Concomitant transrectal SWE ultrasound image and brightness mode ultrasound image. (A) The maximum cross-section of prostate without suspected lesion. (B) The maximum cross-section of prostate with suspected lesion. SWE, shear wave elastography.
Grayscale and SWE images were acquired by two radiologists with 5 and 10 years of experience in prostate imaging to assess the size of the prostate and perform prostate biopsy. If discrepancies arose between the two radiologists, adjustments were finalized through consensus-based discussion. All radiologists were blinded to pathological findings.
Biopsy and pathology
After performing the TRUS and SWE imaging, the prostate biopsies were performed by the same ultrasound physicians. An 18-gauge, 20-cm puncture biopsy needle and automatic biopsy device (MAGNUM®, C.R. Bard, Inc., Covington, GA, USA) were used to obtain biopsy cores. The prostate was divided into 12 zones as a template for systematic biopsy, and at least one biopsy from each of the 12 zones was obtained. Additional biopsies were obtained from abnormal areas (well-defined areas of high stiffness, color-coded as red on the machine screen) seen on SWE if the ROI had not already been sampled using the standard 12-core technique.
All pathological diagnoses were determined by two pathologists with more than 15 years of experience in prostate pathology after their consultations. They were blinded to TRUS and SWE results.
Statistical analysis
The pathological diagnoses of prostate biopsies were regarded as the gold standard. Quantitative data are expressed as median (interquartile range). The Mann-Whitney U test was employed to analyze the continuous variables, including patients’ age, SWE, PV, PSA, and PSAD. The receiver operating characteristic (ROC) curve was plotted to evaluate the diagnostic value of SWE, PSA, PSAD, and PV for diagnosing PCa. Apply binary logistic regression to combine variable SWE with each of the variables PSA, PSAD, and PV, respectively, and use ROC curves to calculate their diagnostic efficacy for PCa.
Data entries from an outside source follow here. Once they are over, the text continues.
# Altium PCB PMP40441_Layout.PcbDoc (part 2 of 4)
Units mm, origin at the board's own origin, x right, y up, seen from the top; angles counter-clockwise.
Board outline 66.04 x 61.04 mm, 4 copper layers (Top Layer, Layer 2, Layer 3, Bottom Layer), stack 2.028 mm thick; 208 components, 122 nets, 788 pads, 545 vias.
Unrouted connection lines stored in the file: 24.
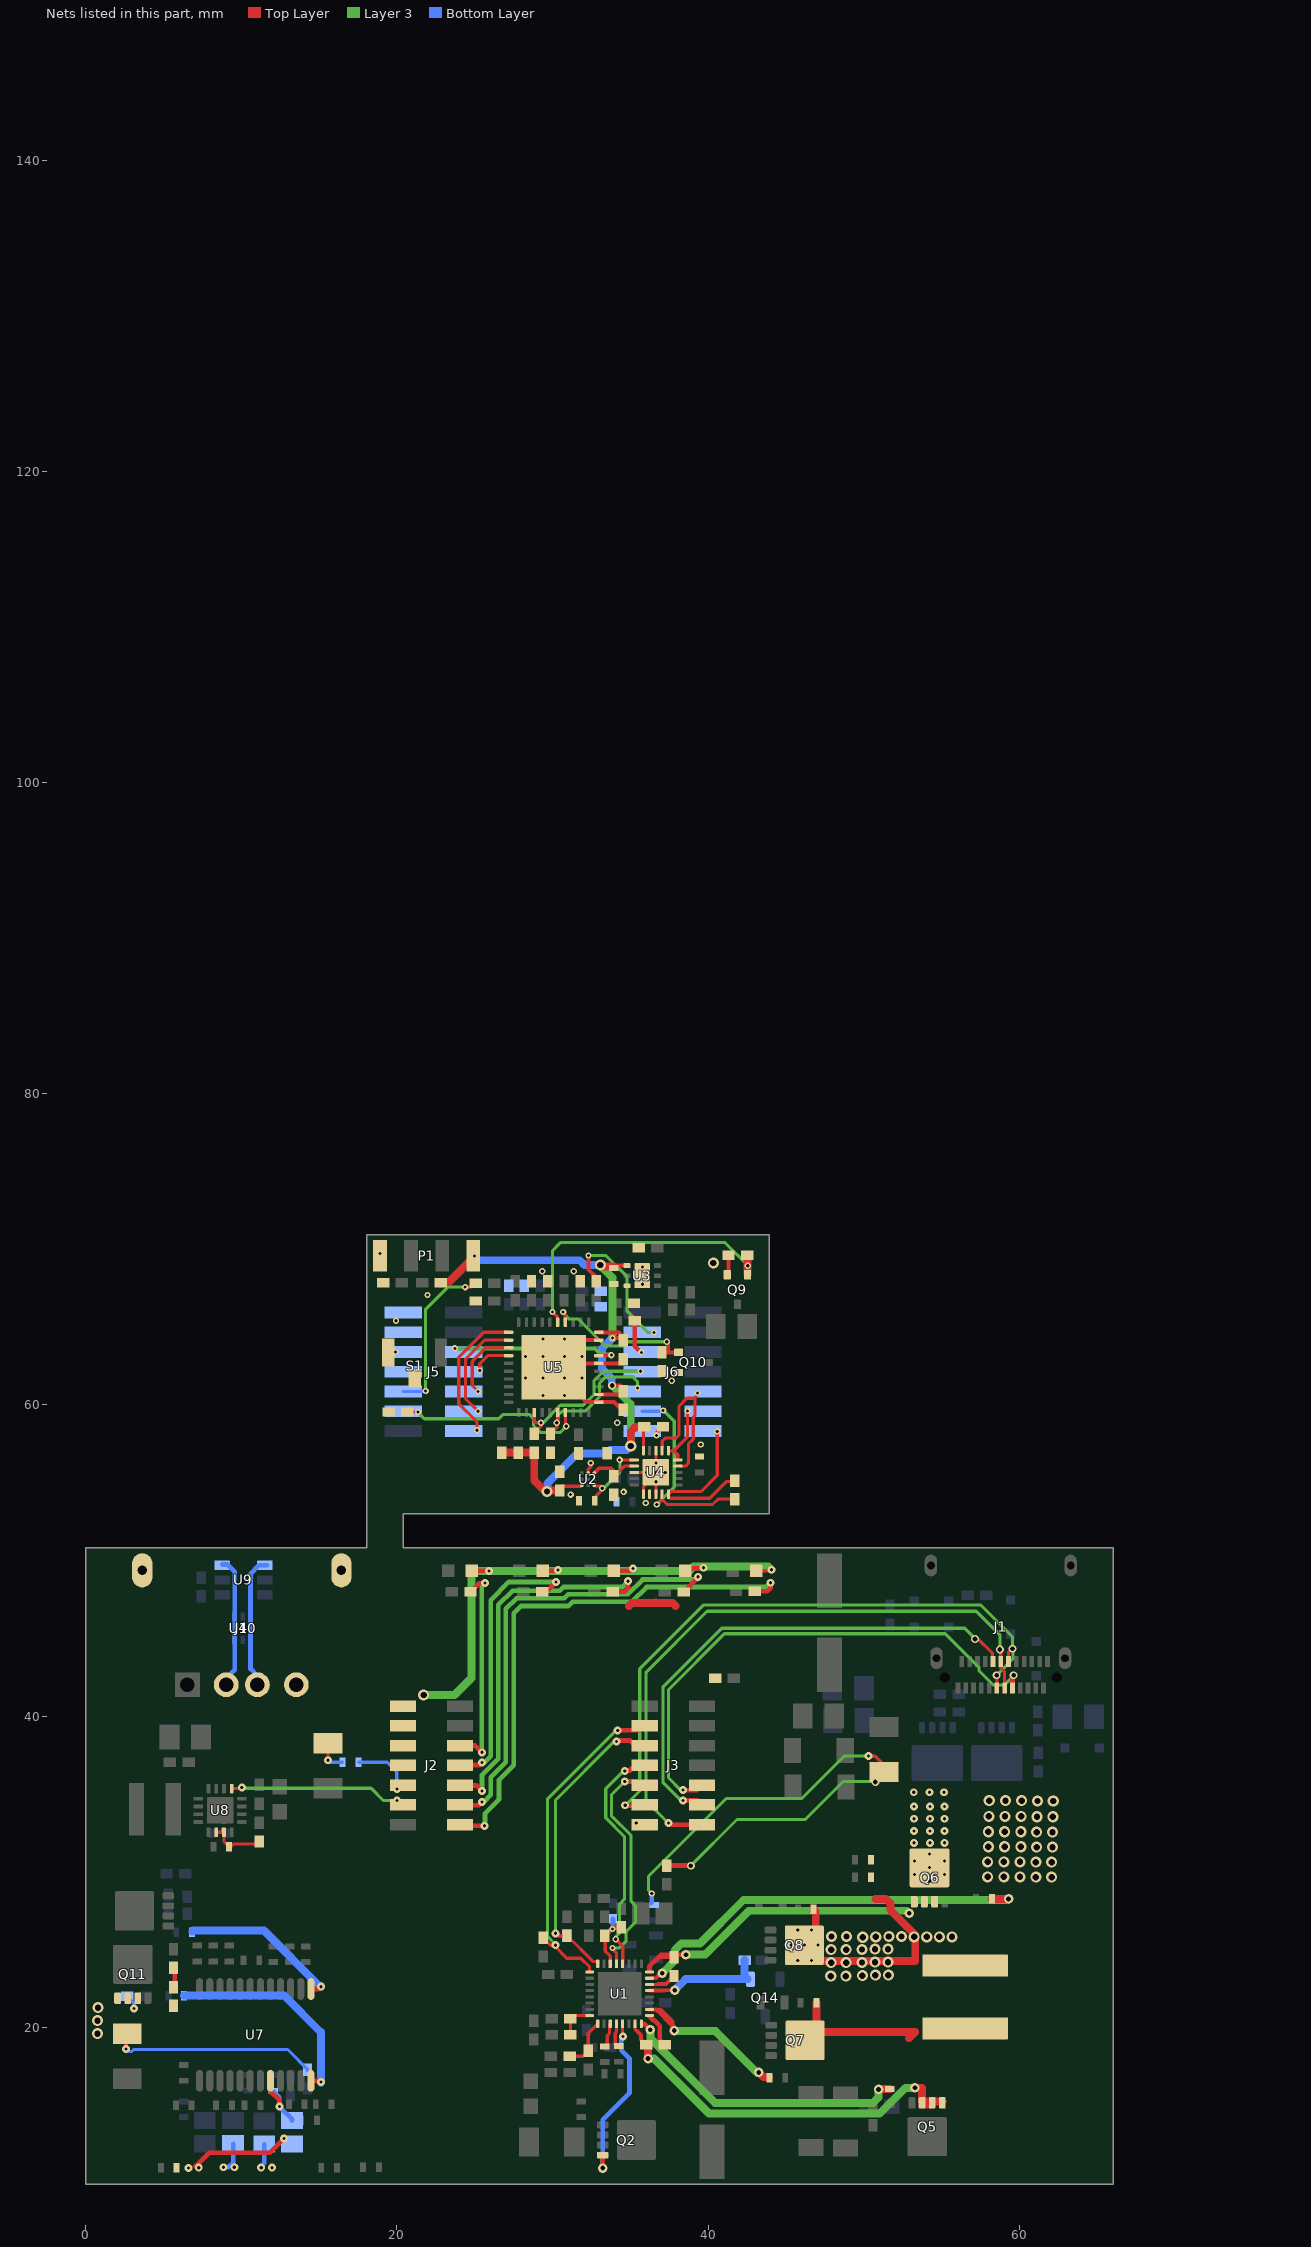
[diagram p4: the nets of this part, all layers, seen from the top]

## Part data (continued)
C115: "CAP, CERM, 1000 pF, 50 V, +/- 10%, X5R, 0402", Cap_Case=0402, Manufacturer=MuRata, Supplier Part Number 1=GRM155R61H102KA01D-ND, TempCo=X5R, Tolerance_%=10, Value1=Unknown, Value2=50V, ValueDisplayed=1000pF
C120 C136: "CAP, Polymer Hybrid, 56 µF, 25 V, +/- 20%, 50 ohm, 6.3x5.8 SMD", Manufacturer=Panasonic, Supplier Part Number 1=P15440CT-ND, Tolerance_%=20, Value1="50 ohm", Value2=25V, ValueDisplayed=56µF
C121 C122: "CAP, CERM, 47 µF, 25 V, +/- 20%, X5R, 1206_190", Cap_Case=1206, Manufacturer=TDK, Supplier Part Number 1=445-8047-1-ND, TempCo=X5R, Tolerance_%=20, Value1=Unknown, Value2=25V, ValueDisplayed=47µF
C125: "CAP, CERM, 1 µF, 25 V, +/- 10%, X5R, 0402", Cap_Case=0402, Manufacturer=MuRata, Supplier Part Number 1=490-10017-1-ND, TempCo=X5R, Tolerance_%=10, Value1=Unknown, Value2=25V, ValueDisplayed=1µF
C130 C131: "CAP, CERM, 330 pF, 50 V, +/- 5%, C0G/NP0, 0402", Cap_Case=0402, Manufacturer=MuRata, Supplier Part Number 1=490-1295-1-ND, TempCo=C0G/NP0, Tolerance_%=5, Value1=Unknown, Value2=50V, ValueDisplayed=330pF
C132 C135: "CAP, CERM, 22 µF, 35 V, +/- 20%, X5R, 1206_190", Cap_Case=1206, Manufacturer=TDK, Supplier Part Number 1=445-8045-1-ND, TempCo=X5R, Tolerance_%=20, Value1="0.002246 ohm", Value2=35V, ValueDisplayed=22µF
C137: "CAP, CERM, 1 µF, 16 V, +/- 10%, X5R, 0402", Cap_Case=0402, Manufacturer=TDK, Supplier Part Number 1=445-4978-1-ND, TempCo=X5R, Tolerance_%=10, Value1=Unknown, Value2=16V, ValueDisplayed=1µF
C140: "CAP, CERM, 33 pF, 50 V, +/- 5%, C0G/NP0, 0402", Cap_Case=0402, Manufacturer=MuRata, Supplier Part Number 1=81-GRM1555C1H330JA1D, TempCo=C0G/NP0, Tolerance_%=5, Value1=Unknown, Value2=50V, ValueDisplayed=33pF
C142: "CAP, CERM, 15 pF, 50 V, +/- 5%, C0G/NP0, 0402", Cap_Case=0402, Manufacturer=MuRata, Supplier Part Number 1=81-GRM1555C1H150JA1D, TempCo=C0G/NP0, Tolerance_%=5, Value1=Unknown, Value2=50V, ValueDisplayed=15pF
C143: "CAP, CERM, 1800 pF, 50 V, +/- 10%, X7R, 0402", Cap_Case=0402, Manufacturer=MuRata, Supplier Part Number 1=490-3246-1-ND, TempCo=X7R, Tolerance_%=10, Value1=Unknown, Value2=50V, ValueDisplayed=1800pF
C144: "CAP, CERM, 680 pF, 50 V, +/- 5%, C0G/NP0, 0402", Cap_Case=0402, Manufacturer=MuRata, Supplier Part Number 1=490-3240-1-ND, TempCo=C0G/NP0, Tolerance_%=5, Value1=Unknown, Value2=50V, ValueDisplayed=680pF
C151: "CAP, CERM, 2.2 µF, 16 V, +/- 10%, X5R, 0402", Cap_Case=0402, Manufacturer=TDK, Supplier Part Number 1=445-9085-1-ND, TempCo=X5R, Tolerance_%=10, Value1=Unknown, Value2=16V, ValueDisplayed=2.2µF
D1: "Diode, TVS, Uni, 24 V, 49 Vc, SOD-323", Manufacturer=Bourns, Supplier Part Number 1=CDSOD323-T24S-ND, Value1=W
D2 D3 D5: "Diode, Schottky, 45 V, 0.75 A, SOD-523", Manufacturer="Infineon Technologies", Supplier Part Number 1="BAS 52-02V H6327CT-ND", Value1=0.75A, Value2=0.6V
D4 D6: library part CMP-0005844-2, "Diode, Zener, 15 V, 300 mW, SOD-323", Manufacturer="NXP Semiconductor", Power_W=300mW, Supplier Part Number 1=568-6280-1-ND, Value1=0.3W
D7 D8: library part CMP-0082069-1, "Diode, Switching, 75 V, 0.15 A, SOD-323", Manufacturer="Micro Commercial Components", Supplier Part Number 1=1N4148WXTPMSCT-ND, Value1=0.15A, Value2=1V
D9: "Diode, Schottky, 30 V, 0.2 A, AEC-Q101, SOD-523", Manufacturer="ON Semiconductor", Supplier Part Number 1=RB521S30T1GOSCT-ND, Value1=0.2A, Value2=0.5V
D12 D13 D14 D15: "LED, Green, SMD", Color=green, Manufacturer=Lite-On, Power_TotalModule=0.1, Supplier Part Number 1=160-1183-1-ND, Value1=0.1W, Value2=2.1V
D16: "LED, Orange, SMD", Color=orange, Manufacturer=Lite-On, Power_TotalModule=0.075, Supplier Part Number 1=160-1434-1-ND, Value1=0.075W, Value2=2V
J1: "Receptacle, 0.5mm, USB TYPE C, R/A, SMT", Color=Black, Current_A=5, Manufacturer="Amphenol Canada", Supplier Part Number 1=12401610E4#2ACT-ND
J2 J3: "Receptacle, 1.27mm, 7x2, Gold, SMT", Manufacturer=Samtec, Supplier Part Number 1=SAM1226-07-ND
J4: "Connector, Receptacle, USB Type A, R/A, Bottom Mount TH", Manufacturer="Wurth Elektronik"
J5 J6: "Header, 1.27 mm, 7x2, Au, SMT", Manufacturer=FCI, Supplier Part Number 1=609-3730-ND
L5: "Inductor, Shielded, Composite, 2.2 µH, 3.7 A, 0.02 ohm, SMD", Manufacturer=Coilcraft, Supplier Part Number 1=994-XFL4020-222MEB, Value1="0.02 ohm", Value2=3.7A, ValueDisplayed=2.2µH
L8: "Inductor, Shielded, 2.2 µH, 16 A, 0.0067 ohm, AEC-Q200 Grade 1, SMD", Manufacturer=Coilcraft, Value1="0.0067 ohm", Value2=16A, ValueDisplayed=2.2µH
Logo5: library part Pb-Free
NT1: "Single point connection between nets."
P1: "Header, 2mm, 4x1, Gold, Black, R/A, SMT", Manufacturer=Harwin, Supplier Part Number 1=M22-5330405-ND
Q1 Q11: "MOSFET, N-CH, 25 V, 60 A, DQG0008A (VSON-CLIP-8)", Alternate Manufacturer=None, Manufacturer="Texas Instruments", Supplier Part Number 1=296-24522-1-ND, Value1="0.0044 ohm", Value2="6.2 nC"
Q2: "MOSFET, P-CH, -20 V, -60 A, VSON-CLIP-8", Alternate Manufacturer=None, Manufacturer="Texas Instruments", Value1="0.0065 ohm", Value2="10.8 nC"
Q3 Q4: library part CMP-0081533-1, "MOSFET, P-CH, -30 V, -35 A, PowerPAK 1212", Alternate Manufacturer=None, Manufacturer=Vishay-Siliconix, Supplier Part Number 1=SI7101DN-T1-GE3CT-ND, Value1="0.013 ohm", Value2="68 nC"
Q5 Q6 Q7 Q8: "MOSFET, N-CH, 30 V, 47 A, DQG0008A (VSON-CLIP-8)", Alternate Manufacturer=None, Manufacturer="Texas Instruments", Supplier Part Number 1=296-27210-1-ND, Value1="0.0094 ohm", Value2="3.9 nC"
Q9 Q10: "MOSFET, N-CH, 50 V, 0.21 A, SOT-323", Alternate Manufacturer=None, Manufacturer="Fairchild Semiconductor", Supplier Part Number 1=BSS138WCT-ND, Value1="6 ohm", Value2="1.1 nC"
Q14: library part CMP-0081321-1, "Transistor, NPN, 12 V, 2 A, SOT-23", Manufacturer="ON Semiconductor", Supplier Part Number 1=NSS12201LT1GOSCT-ND, Value1="2 A", Value2=330
R1 R2 R47 R53: "RES, 33, 5%, 0.125 W, 0805", Manufacturer=Vishay-Dale, Power_W=0.125, Supplier Part Number 1=541-33ACT-ND, TempCo="200 ppm/C", Tolerance_%=5, Value1=5%, Value2=0.125W, Value_Code=33R0, ValueDisplayed=33
R3 R6: "RES, 4.99, 1%, 0.063 W, 0402", Manufacturer=Vishay-Dale, Power_W=0.063, Supplier Part Number 1=541-4.99LLCT-ND, TempCo="100 ppm/C", Tolerance_%=1, Value1=1%, Value2=0.063W, Value_Code=4R99, ValueDisplayed=4.99
R4: "RES, 10 M, 5%, 0.063 W, 0402", Manufacturer=Vishay-Dale, Power_W=0.063, Supplier Part Number 1=541-10MJCT-ND, TempCo="200 ppm/C", Tolerance_%=5, Value1=5%, Value2=0.063W, Value_Code=10M0, ValueDisplayed=10M
R5: "RES, 3.0 M, 5%, 0.063 W, 0402", Manufacturer=Vishay-Dale, Power_W=0.063, Supplier Part Number 1=541-3.0MJCT-ND, TempCo="200 ppm/C", Tolerance_%=5, Value1=5%, Value2=0.063W, Value_Code=3M00, ValueDisplayed=3.0M
R7: "RES, 1.00 k, 1%, 0.125 W, 0805", Manufacturer=Vishay-Dale, Power_W=0.125, Supplier Part Number 1=541-1.00KCCT-ND, TempCo="100 ppm/C", Tolerance_%=1, Value1=1%, Value2=0.125W, Value_Code=1k00, ValueDisplayed=1.00k
R8: "RES, 1.0, 5%, 0.063 W, 0402", Manufacturer=Vishay-Dale, Power_W=0.063, Supplier Part Number 1=541-1.0JCT-ND, TempCo="200 ppm/C", Tolerance_%=5, Value1=5%, Value2=0.063W, Value_Code=1R00, ValueDisplayed=1.0
R9 R119: library part CMP-0026727-1, "RES, 1.00 M, 1%, 0.063 W, 0402", Manufacturer="Yageo America", Power_W=63mW, Supplier Part Number 1=311-1.00MLRCT-ND, TempCo="100 ppm/C", Tolerance_%=1%, Value2=0.063W, Value_Code=1M00, ValueDisplayed=1.00M
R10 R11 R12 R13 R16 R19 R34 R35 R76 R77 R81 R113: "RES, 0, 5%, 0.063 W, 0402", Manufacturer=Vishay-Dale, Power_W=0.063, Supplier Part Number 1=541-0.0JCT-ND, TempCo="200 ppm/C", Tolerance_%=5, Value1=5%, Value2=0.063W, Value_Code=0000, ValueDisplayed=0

The ROC curve was analyzed to calculate the area under the curve (AUC), sensitivity, and specificity. Apply the DeLong test to compare whether there is a statistically significant difference in the area under the ROC curve between the datasets. Besides, SWE, PSA, PSAD, and PV, with high sensitivity and specificity, were selected as the best cut-off values for diagnosing PCa. The optimal cut-off value for each parameter obtained at the Youden’s index was maximum. To assess the diagnostic performance, ROC curves were used for the combination models of SWE and other indicators, as well as the sensitivity and specificity between the groups. P<0.05 was considered statistically significant. The intraclass correlation coefficient (ICC) was calculated to evaluate the inter-observer consistency of SWE measurements.
Results
Basic characteristics of patients
A total of 375 patients were initially enrolled in this study. Of these candidates, 19 were excluded due to the inability to undergo TRUS; 27 declined prostate biopsy; 11 were excluded on account of age exceeding 80 years; 7 had a history of endocrine therapy for prostate-related diseases; and 21 were excluded due to incomplete clinical data. Finally, 290 patients were included in the final analysis (Figure 2). Transrectal biopsies were performed in all subjects. The procedure was well tolerated, with only two patients experiencing major complications (postoperative dysuria necessitating catheterization). There were 171 and 119 cases of prostate hyperplasia (59%) and prostate carcinoma (41%). For the 119 PCa patients enrolled, 238 targeted biopsy procedures were performed, identifying 104 positive cases with a total of 207 positive biopsy tissue cores harvested. Notably, 164 of these positive tissue cores were sampled from areas characterized by elevated SWE values. Table 1 displays the basic characteristics and clinical data of these patients.
Figure 2.
Flowchart of the patient screening. SWE, shear wave elastography; TRUS, transrectal ultrasound.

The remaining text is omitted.